▶ PROBLEM REQUIREMENTS:
Scan the records below for the line with "MDI_RN: length 3.7" and the line with "MDI_RXN: length 4.7". Repeat those two lines and every line between them exactly, and nothing else.

BEGIN PROVIDED DATA

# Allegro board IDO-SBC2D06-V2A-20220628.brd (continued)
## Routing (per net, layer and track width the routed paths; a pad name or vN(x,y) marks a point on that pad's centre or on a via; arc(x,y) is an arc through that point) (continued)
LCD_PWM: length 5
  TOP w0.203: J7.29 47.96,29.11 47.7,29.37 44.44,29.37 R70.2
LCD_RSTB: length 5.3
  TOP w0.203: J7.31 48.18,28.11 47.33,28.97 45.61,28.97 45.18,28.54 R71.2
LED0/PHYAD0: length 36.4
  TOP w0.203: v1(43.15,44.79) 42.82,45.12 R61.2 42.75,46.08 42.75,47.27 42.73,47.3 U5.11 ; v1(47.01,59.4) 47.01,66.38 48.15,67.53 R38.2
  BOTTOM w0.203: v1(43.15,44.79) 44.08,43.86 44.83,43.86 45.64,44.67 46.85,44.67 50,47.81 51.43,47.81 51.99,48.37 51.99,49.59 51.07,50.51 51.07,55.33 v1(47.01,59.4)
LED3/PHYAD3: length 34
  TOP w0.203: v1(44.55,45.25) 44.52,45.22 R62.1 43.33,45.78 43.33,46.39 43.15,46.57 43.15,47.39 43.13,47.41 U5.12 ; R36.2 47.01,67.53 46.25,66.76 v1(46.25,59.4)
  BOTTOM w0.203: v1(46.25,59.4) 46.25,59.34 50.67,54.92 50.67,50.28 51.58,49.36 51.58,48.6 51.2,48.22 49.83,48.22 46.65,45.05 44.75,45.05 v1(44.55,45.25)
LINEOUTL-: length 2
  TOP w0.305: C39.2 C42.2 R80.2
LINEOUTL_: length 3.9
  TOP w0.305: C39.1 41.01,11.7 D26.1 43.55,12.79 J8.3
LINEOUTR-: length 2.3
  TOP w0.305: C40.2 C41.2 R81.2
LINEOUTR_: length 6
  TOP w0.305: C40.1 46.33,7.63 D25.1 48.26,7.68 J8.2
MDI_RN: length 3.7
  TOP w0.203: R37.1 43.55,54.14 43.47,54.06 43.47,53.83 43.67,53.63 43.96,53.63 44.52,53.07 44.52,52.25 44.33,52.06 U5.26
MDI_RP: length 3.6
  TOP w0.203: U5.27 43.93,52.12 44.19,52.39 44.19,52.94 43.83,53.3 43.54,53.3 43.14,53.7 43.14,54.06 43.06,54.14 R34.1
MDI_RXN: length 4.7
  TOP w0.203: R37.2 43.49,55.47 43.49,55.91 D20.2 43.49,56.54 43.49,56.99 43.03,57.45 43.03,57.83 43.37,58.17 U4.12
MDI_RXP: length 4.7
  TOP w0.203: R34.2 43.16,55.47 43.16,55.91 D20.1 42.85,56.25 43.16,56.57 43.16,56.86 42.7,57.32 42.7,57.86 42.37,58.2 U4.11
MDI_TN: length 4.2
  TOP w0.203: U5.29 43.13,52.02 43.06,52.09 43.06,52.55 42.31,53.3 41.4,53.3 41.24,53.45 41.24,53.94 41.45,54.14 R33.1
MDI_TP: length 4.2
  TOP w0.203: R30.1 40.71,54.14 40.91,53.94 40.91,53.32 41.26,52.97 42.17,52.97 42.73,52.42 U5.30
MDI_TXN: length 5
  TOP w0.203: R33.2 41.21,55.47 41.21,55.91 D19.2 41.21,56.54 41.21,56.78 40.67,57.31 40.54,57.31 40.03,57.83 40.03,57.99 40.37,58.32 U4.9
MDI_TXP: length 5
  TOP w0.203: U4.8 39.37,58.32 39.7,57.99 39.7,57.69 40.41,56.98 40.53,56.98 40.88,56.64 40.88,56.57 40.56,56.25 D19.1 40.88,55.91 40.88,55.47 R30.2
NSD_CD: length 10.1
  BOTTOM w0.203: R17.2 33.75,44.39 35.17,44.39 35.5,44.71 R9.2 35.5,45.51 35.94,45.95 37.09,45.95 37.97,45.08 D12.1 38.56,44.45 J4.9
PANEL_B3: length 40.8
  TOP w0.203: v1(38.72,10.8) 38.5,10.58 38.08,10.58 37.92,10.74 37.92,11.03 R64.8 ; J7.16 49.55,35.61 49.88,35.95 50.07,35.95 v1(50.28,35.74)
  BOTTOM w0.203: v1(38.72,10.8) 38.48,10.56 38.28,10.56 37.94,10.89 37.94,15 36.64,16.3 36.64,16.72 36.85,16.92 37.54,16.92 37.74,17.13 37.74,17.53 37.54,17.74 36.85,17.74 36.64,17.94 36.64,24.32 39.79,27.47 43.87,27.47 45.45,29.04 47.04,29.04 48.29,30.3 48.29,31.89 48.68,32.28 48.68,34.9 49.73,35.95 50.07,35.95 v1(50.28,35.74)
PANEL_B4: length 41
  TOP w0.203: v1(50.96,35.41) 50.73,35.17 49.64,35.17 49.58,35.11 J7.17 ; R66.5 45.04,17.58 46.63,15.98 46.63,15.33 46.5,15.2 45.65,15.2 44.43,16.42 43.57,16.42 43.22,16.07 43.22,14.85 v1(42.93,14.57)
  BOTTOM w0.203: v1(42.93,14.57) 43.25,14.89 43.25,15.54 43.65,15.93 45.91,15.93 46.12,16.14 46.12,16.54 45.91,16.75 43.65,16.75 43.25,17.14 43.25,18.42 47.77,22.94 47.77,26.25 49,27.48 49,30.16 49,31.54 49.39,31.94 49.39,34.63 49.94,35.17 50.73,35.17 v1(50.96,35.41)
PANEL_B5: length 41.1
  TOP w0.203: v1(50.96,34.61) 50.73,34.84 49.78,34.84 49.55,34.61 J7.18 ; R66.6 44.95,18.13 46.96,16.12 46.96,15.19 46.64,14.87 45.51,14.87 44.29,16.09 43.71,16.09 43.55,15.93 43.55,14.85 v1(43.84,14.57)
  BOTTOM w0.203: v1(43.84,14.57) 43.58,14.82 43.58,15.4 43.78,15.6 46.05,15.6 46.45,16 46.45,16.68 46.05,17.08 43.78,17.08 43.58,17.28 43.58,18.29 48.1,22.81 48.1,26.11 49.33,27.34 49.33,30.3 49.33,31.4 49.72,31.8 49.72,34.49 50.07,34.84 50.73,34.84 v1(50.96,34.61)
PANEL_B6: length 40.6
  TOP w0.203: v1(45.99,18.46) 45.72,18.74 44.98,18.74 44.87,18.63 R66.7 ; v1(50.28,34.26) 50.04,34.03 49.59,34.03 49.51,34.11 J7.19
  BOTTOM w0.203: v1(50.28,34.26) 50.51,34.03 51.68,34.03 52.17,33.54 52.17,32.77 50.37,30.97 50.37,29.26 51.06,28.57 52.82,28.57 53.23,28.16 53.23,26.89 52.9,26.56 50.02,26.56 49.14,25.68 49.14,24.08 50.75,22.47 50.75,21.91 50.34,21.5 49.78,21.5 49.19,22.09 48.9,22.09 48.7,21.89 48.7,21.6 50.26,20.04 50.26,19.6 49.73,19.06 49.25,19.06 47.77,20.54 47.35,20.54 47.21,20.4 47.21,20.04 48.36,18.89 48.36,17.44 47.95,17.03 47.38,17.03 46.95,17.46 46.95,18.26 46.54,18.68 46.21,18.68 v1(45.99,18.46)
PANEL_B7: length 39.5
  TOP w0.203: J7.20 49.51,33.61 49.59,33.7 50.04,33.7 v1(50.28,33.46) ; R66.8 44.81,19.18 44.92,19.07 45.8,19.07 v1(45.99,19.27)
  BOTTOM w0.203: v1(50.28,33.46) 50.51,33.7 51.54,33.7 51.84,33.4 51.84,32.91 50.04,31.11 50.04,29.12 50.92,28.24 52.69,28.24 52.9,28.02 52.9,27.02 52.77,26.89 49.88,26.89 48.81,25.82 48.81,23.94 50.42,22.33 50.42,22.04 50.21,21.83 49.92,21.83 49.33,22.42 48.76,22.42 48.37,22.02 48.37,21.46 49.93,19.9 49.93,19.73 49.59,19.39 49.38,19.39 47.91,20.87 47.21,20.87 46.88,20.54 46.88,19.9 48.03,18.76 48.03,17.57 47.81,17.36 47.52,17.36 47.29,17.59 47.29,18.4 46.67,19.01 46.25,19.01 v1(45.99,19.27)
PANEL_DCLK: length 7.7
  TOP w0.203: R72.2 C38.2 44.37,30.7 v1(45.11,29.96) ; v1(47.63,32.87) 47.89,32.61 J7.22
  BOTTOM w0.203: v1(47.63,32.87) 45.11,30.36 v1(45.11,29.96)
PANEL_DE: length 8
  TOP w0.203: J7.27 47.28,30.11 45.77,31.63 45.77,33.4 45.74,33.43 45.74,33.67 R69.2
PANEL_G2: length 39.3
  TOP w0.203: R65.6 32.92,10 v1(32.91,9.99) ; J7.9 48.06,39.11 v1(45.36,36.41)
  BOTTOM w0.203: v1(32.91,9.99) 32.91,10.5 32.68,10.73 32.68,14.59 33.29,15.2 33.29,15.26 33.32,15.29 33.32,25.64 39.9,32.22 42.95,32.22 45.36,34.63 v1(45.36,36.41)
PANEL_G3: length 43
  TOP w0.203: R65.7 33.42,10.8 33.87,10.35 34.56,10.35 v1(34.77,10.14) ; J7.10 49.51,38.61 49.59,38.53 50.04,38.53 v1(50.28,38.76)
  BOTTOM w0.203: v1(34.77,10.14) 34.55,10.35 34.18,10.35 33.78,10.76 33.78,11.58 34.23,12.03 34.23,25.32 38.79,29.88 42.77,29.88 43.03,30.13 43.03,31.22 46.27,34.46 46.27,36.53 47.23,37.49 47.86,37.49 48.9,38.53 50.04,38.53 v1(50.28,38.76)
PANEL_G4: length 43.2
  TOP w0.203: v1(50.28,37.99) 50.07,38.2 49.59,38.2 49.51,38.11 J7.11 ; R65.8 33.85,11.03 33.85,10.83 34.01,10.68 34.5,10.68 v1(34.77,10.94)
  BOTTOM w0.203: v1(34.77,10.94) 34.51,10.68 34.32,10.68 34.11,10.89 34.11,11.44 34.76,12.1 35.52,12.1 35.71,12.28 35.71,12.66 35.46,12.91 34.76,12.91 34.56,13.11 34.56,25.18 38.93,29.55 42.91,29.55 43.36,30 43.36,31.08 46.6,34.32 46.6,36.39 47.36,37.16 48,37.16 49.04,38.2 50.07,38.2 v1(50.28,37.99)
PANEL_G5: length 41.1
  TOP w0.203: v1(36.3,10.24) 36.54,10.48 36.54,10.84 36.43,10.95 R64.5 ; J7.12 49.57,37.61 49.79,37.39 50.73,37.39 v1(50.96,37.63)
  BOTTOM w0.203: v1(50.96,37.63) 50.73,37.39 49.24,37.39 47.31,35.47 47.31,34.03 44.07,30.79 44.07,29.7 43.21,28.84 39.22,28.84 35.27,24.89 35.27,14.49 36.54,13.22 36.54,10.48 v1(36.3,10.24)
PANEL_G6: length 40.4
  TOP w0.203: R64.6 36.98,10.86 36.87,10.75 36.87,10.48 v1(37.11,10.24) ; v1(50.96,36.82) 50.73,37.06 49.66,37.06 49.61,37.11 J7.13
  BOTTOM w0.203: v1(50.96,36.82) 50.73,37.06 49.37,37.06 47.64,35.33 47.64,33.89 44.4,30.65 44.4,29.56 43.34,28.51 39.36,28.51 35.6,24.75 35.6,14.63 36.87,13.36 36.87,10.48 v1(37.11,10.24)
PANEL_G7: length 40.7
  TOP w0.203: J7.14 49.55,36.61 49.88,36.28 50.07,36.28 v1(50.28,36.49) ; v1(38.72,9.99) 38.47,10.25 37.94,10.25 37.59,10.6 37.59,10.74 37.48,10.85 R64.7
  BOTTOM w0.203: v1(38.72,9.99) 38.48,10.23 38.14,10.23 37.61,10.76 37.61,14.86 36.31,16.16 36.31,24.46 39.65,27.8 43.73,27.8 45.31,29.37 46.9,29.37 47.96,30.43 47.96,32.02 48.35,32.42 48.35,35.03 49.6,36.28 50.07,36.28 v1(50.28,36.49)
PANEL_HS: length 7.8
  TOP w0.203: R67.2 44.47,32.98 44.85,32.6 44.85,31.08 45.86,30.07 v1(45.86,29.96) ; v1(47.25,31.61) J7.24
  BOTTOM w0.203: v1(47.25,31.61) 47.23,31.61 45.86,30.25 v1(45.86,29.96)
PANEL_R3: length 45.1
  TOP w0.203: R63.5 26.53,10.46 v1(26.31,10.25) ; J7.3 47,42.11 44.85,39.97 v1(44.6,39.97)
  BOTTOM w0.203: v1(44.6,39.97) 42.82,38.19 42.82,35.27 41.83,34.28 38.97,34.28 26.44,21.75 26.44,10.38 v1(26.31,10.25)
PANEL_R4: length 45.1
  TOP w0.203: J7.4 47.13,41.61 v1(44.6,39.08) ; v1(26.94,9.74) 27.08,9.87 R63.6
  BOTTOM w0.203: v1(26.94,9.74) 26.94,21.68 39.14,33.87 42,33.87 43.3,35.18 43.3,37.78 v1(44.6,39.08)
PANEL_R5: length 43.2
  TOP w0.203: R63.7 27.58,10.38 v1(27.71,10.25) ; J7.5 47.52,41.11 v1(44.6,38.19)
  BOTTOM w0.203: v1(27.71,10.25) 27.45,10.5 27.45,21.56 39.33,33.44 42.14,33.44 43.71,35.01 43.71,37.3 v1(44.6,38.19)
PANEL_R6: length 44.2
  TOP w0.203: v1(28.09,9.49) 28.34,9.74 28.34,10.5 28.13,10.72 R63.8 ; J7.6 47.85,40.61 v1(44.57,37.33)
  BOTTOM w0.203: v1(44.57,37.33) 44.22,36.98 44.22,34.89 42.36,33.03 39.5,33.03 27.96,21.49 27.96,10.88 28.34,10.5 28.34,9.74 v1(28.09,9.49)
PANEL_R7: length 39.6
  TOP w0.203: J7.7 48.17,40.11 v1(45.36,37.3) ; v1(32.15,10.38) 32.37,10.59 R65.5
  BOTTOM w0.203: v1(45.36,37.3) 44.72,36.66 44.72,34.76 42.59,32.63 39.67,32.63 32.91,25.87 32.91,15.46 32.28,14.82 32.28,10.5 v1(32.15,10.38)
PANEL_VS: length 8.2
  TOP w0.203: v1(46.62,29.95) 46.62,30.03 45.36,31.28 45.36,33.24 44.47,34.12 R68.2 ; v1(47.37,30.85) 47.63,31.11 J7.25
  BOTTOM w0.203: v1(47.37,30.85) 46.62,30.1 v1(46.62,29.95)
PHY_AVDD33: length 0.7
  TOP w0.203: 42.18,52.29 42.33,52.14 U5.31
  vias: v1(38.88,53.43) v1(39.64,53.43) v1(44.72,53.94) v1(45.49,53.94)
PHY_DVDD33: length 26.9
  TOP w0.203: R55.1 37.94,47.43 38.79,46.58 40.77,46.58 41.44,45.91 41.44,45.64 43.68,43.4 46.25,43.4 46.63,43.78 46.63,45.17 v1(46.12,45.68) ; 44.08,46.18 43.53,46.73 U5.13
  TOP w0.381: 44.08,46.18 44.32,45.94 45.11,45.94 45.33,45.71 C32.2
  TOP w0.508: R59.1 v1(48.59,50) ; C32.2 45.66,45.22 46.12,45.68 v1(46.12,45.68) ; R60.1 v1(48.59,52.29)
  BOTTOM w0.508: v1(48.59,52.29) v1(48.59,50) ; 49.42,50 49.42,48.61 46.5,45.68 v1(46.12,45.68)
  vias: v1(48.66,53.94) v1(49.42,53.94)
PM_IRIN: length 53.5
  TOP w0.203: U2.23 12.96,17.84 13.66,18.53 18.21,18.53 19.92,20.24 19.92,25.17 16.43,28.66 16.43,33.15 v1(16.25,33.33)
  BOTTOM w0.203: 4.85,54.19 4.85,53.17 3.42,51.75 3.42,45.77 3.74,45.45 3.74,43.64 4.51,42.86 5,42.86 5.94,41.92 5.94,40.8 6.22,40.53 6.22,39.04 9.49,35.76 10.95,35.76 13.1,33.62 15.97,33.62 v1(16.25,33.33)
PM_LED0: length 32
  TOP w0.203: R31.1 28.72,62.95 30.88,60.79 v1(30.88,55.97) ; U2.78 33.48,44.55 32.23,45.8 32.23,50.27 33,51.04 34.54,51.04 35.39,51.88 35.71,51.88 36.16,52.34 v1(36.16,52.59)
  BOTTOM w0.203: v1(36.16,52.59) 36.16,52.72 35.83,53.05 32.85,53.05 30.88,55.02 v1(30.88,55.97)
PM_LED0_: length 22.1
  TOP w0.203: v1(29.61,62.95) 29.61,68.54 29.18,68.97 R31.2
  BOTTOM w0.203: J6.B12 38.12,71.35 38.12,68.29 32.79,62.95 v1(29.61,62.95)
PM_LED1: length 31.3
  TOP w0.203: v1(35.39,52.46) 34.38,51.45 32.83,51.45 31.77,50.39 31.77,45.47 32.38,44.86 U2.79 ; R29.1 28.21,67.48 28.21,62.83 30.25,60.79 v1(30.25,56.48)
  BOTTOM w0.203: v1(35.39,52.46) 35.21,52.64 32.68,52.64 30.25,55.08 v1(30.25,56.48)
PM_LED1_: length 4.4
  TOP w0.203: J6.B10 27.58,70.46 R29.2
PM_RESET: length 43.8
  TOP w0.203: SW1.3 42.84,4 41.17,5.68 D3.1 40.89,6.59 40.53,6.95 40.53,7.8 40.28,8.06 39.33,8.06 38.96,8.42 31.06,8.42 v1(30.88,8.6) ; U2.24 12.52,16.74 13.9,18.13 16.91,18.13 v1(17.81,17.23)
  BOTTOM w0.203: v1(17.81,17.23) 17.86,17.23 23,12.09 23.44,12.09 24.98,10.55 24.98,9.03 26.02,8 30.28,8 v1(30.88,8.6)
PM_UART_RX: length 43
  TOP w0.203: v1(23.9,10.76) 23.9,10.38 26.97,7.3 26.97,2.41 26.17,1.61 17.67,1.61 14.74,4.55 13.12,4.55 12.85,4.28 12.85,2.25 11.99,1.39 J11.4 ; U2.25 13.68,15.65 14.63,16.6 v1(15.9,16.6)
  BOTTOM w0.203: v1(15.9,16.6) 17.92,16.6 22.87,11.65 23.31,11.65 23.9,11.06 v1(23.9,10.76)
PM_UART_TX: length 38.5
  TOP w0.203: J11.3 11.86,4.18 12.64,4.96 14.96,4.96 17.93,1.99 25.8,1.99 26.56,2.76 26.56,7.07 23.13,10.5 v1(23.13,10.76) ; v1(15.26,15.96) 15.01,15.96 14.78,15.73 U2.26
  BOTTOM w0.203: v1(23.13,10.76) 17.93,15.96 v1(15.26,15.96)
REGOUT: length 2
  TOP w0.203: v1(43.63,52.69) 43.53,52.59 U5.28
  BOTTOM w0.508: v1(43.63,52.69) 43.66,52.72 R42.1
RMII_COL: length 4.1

END PROVIDED DATA

▶ ANSWER:
MDI_RN: length 3.7
  TOP w0.203: R37.1 43.55,54.14 43.47,54.06 43.47,53.83 43.67,53.63 43.96,53.63 44.52,53.07 44.52,52.25 44.33,52.06 U5.26
MDI_RP: length 3.6
  TOP w0.203: U5.27 43.93,52.12 44.19,52.39 44.19,52.94 43.83,53.3 43.54,53.3 43.14,53.7 43.14,54.06 43.06,54.14 R34.1
MDI_RXN: length 4.7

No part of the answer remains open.